Governments can build on the progress they have made in implementing reforms and opening opportunities for business. It now takes on average just 17 days to start a new business in the region, compared to more than 43 days in 2003. Governments can do more to combat corruption, work with business and create enabling policies to support growth, competitiveness and productivity. Finally, civil society must continue its important work monitoring companies and holding them accountable. As we move closer to 2030, the world will need more companies working closely with civil society to ensure the fulfilment of labour rights, gender equality and environmental stewardship.

The release of BBBW MENA is a highlight of the American Chamber of Commerce (AmCham) Egypt and the United Nations Development Programme’s (UNDP) regional conference, “The Private Sector’s Role in Implementing the Sustainable Development Goals,” from 4 to 5 December in Cairo.

Tarek Tawfik, AmCham Egypt President  said that AmCham Egypt, through its longstanding partnership with UNDP is committed to advancing the implementation of Sustainable Development Goals, through engaging the private sector and governments in an active dialogue on new paths for building local and regional partnerships. He added that the launch of the Better Business, Better World MENA Report as part of this Conference reiterates the evidence and provides the economic incentive for better alignment in pursuit of the Global Goals.

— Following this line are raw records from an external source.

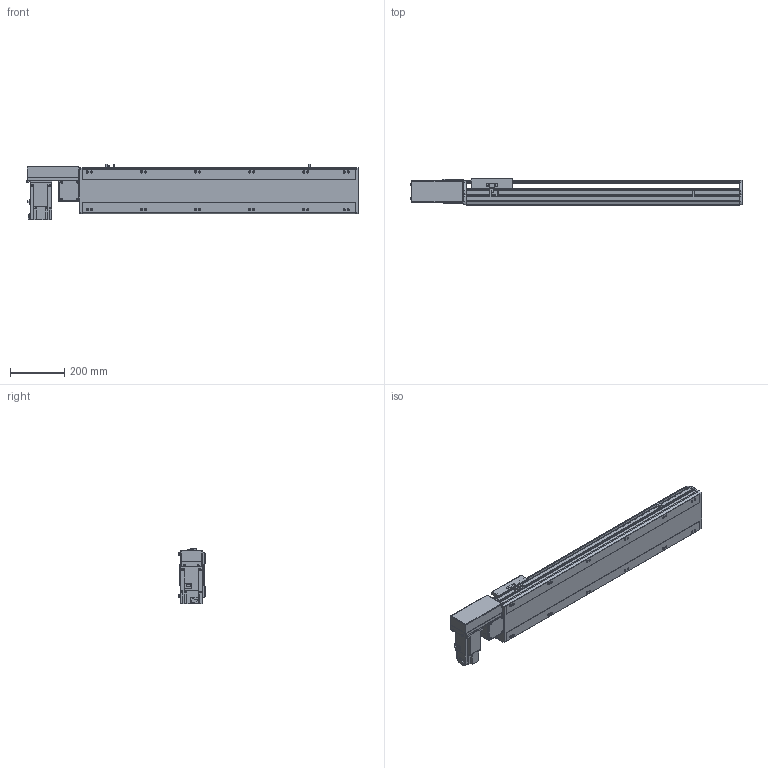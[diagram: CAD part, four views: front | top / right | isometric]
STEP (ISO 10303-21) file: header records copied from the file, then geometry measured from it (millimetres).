
FILE_DESCRIPTION( ( 'STEP AP214' ), '1' );
FILE_NAME( 'x:/temp/worker_4/temp/exporttempdir_2248_259_rbDKg/format_0/PBS170-P40-S750-R-T75-C1-N(0).stp', '2022-06-07T07:29:34', ( 'License CC BY-ND 4.0' ), ( 'CADENAS' ), ' ', 'PARTsolutions', ' ' );
FILE_SCHEMA( ( 'AUTOMOTIVE_DESIGN { 1 0 10303 214 1 1 1 1 }' ) );
Length unit declared in the file: millimetre
Products named in the file (7): PBS170-P40-S750-R-T75-C1-N(0); _PBS170-S750()_body; _PBS170T-R_motors; _T75-p1; _PBS170_sliser; _PBS170_plant; _PBS170_sensor
Assembly tree (8 placements, depth 2):
  PBS170-P40-S750-R-T75-C1-N(0)
    _PBS170-S750()_body
    _PBS170T-R_motors
    _T75-p1
    _PBS170_sliser
    _PBS170_plant
    _PBS170_sensor  x3
Bounding box: 1228 x 97 x 205.3 mm (x, y, z)
Volume: 9209679.8 mm3; surface area: 1225028 mm2
Topology: 8 solids, 8 shells, 1050 faces, 2795 edges, 1822 vertices
Faces by surface type: plane 675, cylinder 323, cone 42, sphere 8, torus 2
Full cylindrical faces by diameter (mm): 3.242 x4, 4 x2, 4.4 x4, 4.5 x6, 4.917 x4, 6 x9, 6.647 x20, 7 x2, 7.5 x4, 8 x8, 8.5 x12, 10 x4, 10.5 x12, 11 x2, 30 x2, 40 x1, 70 x1
Entity records: 38456 total; most frequent: CARTESIAN_POINT 5885, DIRECTION 5160, ORIENTED_EDGE 4908, EDGE_CURVE 2454, AXIS2_PLACEMENT_3D 1777, VERTEX_POINT 1682, LINE 1606, VECTOR 1606

“There is a global agreement that the private sector holds the key to a sustainable future for the planet. We will need to unlock the power of the trillions that are being invested in the market economy. Sustainability can be good for business; it opens up new areas for investment such as renewable energy, climate resistant agriculture or sustainable cities. New economic growth potential and directions can be uncovered when we adjust our thinking. We are proud of our partnership with the American Chamber of Commerce in Egypt and the Business & Sustainable Development Commission. Our joint efforts and the recommendations of the report will stimulate a discussion for expanding engagement with the private sector in Egypt,” said said Richard Dictus, UNDP Resident Representative in Egypt.